Colorectal cancer is a common form of cancer that affects the colon and rectum, and is the third most common cancer worldwide and the second leading cause of cancer deaths. Various treatments for colorectal cancer include surgery, radiotherapy, chemotherapy, and immunotherapy. However, the effectiveness of treatment depends on the type of colorectal cancer a person has. A recent phase 1 trial has found promising results with two monoclonal antibodies that could be effective against a common form of colorectal cancer that has historically not responded to immunotherapy.
According to the World Health Organization, around 10% of cancers worldwide are colorectal cancer, with most cases diagnosed in individuals over the age of 50. Various risk factors, including genetic and environmental causes, contribute to the development of colorectal cancer. Some of these risk factors include male sex, a diet low in fiber and high in animal protein, smoking and alcohol consumption, obesity, and inflammatory bowel disease. Early detection of colorectal cancer is crucial for effective treatment, which may involve surgery, radiation therapy, chemotherapy, or immunotherapy.
Immunotherapy has shown to be effective in some types of colorectal cancer, but a phase 1 trial has now found that a combination of two monoclonal antibodies, botensilimab and balstilimab, was successful in treating 61% of people with the advanced form of colorectal cancer, known as MSS mCRC. This form of cancer has previously been resistant to immunotherapy, making the findings of this trial particularly significant. The study, published in Nature Medicine, is a step towards more effective treatment for individuals with this specific type of colorectal cancer.
The research involved recruiting 148 patients with bowel tumors that had spread to other parts of the body and had undergone multiple previous treatments. The patients were treated with escalating doses of botensilimab followed by a combination of botensilimab and balstilimab. Of the 101 patients who completed the six-month follow-up, 61% showed positive responses to the treatment. However, the study also found that patients with active liver metastases had lower response rates and survival times, indicating the need for further investigation in such cases.
While the combination of botensilimab and balstilimab showed promising results, it is essential to conduct larger studies to verify these findings and understand the long-term effectiveness of this treatment. Immunotherapy is generally better tolerated than other treatments for colorectal cancer, with fewer severe side effects reported. Despite some participants experiencing treatment-related adverse effects like fatigue and diarrhea, no treatment-related deaths occurred during the study, indicating the safety and tolerability of the combination therapy.

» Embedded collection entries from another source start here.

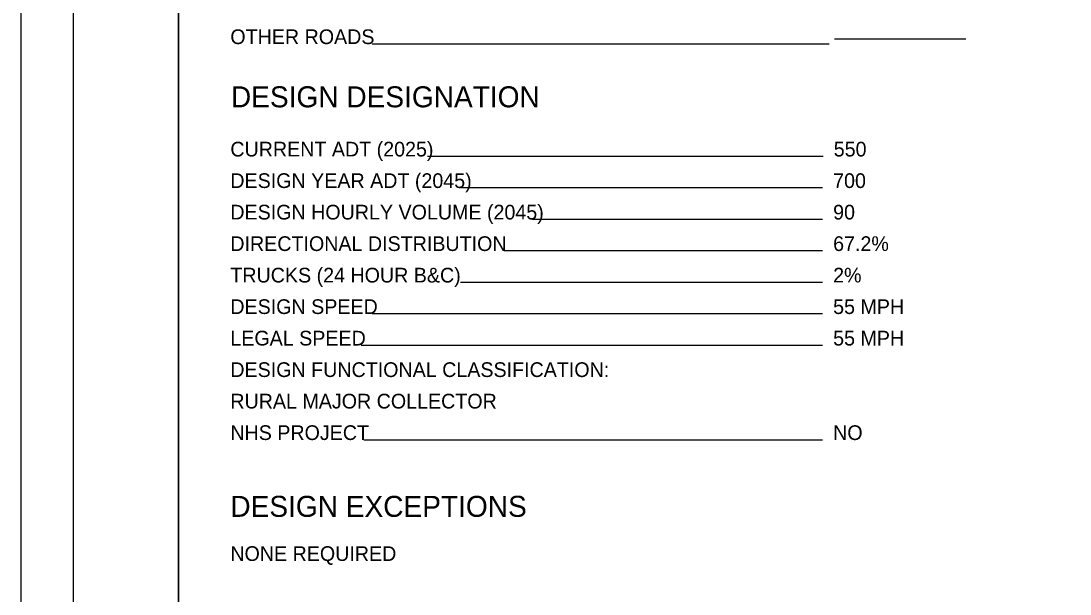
# Model space of a CAD drawing. Extents: x -2.1 to 31.9, y 6.3 to 28.3.
# Drawn here: x -2.07 to 7.93, y 11.98 to 17.44 of the extents above; entities that cross this region are included whole.
import ezdxf

# ---------------------------------------------------------------- set-up
doc = ezdxf.new("R2010")
doc.units = 0
for name, color, linetype in [('SH_Border', 7, 'Continuous'), ('SH_Cut_Line', 7, 'Continuous'), ('SH_Data', 7, 'Continuous'), ('SH_Text', 7, 'Continuous')]:
    doc.layers.add(name, color=color, linetype=linetype)

msp = doc.modelspace()

# ---------------------------------------------------------------- linework, layer by layer
at = {"layer": 'SH_Border'}
for points in [[(-1.5656, 27.844), (-0.5656, 27.844), (-0.5656, 6.844), (-1.5656, 6.844)], [(-0.5656, 27.844), (31.4344, 27.844), (31.4344, 6.844), (-0.5656, 6.844)]]:
    msp.add_lwpolyline(points, close=True, dxfattribs=at)
at = {"layer": 'SH_Cut_Line'}
msp.add_lwpolyline([(-2.0656, 6.344), (31.9344, 6.344), (31.9344, 28.344), (-2.0656, 28.344)], close=True, dxfattribs=at)
at = {"layer": 'SH_Data'}
for p, q in [((5.6344, 17.2206), (1.2815, 17.2206)), ((6.9344, 17.2663), (5.6844, 17.2663)), ((5.5769, 16.1502), (1.8055, 16.1502)), ((5.5713, 15.8502), (2.1229, 15.8502)), ((5.5713, 15.5502), (2.8068, 15.5502)), ((5.5713, 15.2502), (2.5381, 15.2502)), ((5.5713, 14.9502), (2.1229, 14.9502)), ((5.5713, 14.6502), (1.2804, 14.6502)), ((5.5713, 14.3502), (1.1766, 14.3502)), ((5.5713, 13.4502), (1.2014, 13.4502))]:
    msp.add_line(p, q, dxfattribs=at)

# ---------------------------------------------------------------- texts
msp.add_text('DESIGN DESIGNATION', height=0.2, dxfattribs=at).set_placement((-0.0656, 16.6186))
at = {"layer": 'SH_Text'}
for s, height, p in [('OTHER ROADS', 0.14, (-0.0711, 17.2206)), ('CURRENT ADT (2025)', 0.14, (-0.0711, 16.1502)), ('550', 0.14, (5.6769, 16.1502)), ('DESIGN YEAR ADT (2045)', 0.14, (-0.0711, 15.8502)), ('700', 0.14, (5.6713, 15.8502)), ('DESIGN HOURLY VOLUME (2045)', 0.14, (-0.0711, 15.5502)), ('90', 0.14, (5.6713, 15.5502)), ('DIRECTIONAL DISTRIBUTION', 0.14, (-0.0711, 15.2502)), ('67.2%', 0.14, (5.6713, 15.2502)), ('TRUCKS (24 HOUR B&C)', 0.14, (-0.0711, 14.9502)), ('2%', 0.14, (5.6713, 14.9502)), ('DESIGN SPEED', 0.14, (-0.0711, 14.6502)), ('55 MPH', 0.14, (5.6713, 14.6502)), ('LEGAL SPEED', 0.14, (-0.0711, 14.3502)), ('55 MPH', 0.14, (5.6713, 14.3502)), ('DESIGN FUNCTIONAL CLASSIFICATION:', 0.14, (-0.0711, 14.0502)), ('RURAL MAJOR COLLECTOR', 0.14, (-0.0711, 13.7502)), ('NHS PROJECT', 0.14, (-0.0711, 13.4502)), ('NO', 0.14, (5.6713, 13.4502)), ('DESIGN EXCEPTIONS', 0.2, (-0.0711, 12.7184)), ('NONE REQUIRED', 0.14, (-0.0711, 12.2984))]:
    msp.add_text(s, height=height, dxfattribs=at).set_placement(p)

doc.saveas('drawing.dxf')

The study’s lead researcher, Prof. Justin Stebbing, expressed optimism about the potential impact of this trial on the prognosis of individuals with MSS mCRC. The trial’s findings could lead to a significant advancement in the treatment of colorectal cancer, particularly for those with the advanced form of the disease that has not responded well to existing therapies. Further research and clinical trials are needed to validate these results and determine the broader applicability of the combination of monoclonal antibodies in treating colorectal cancer. Despite the challenges, this study offers hope for a more effective and potentially life-saving treatment option for individuals with MSS mCRC.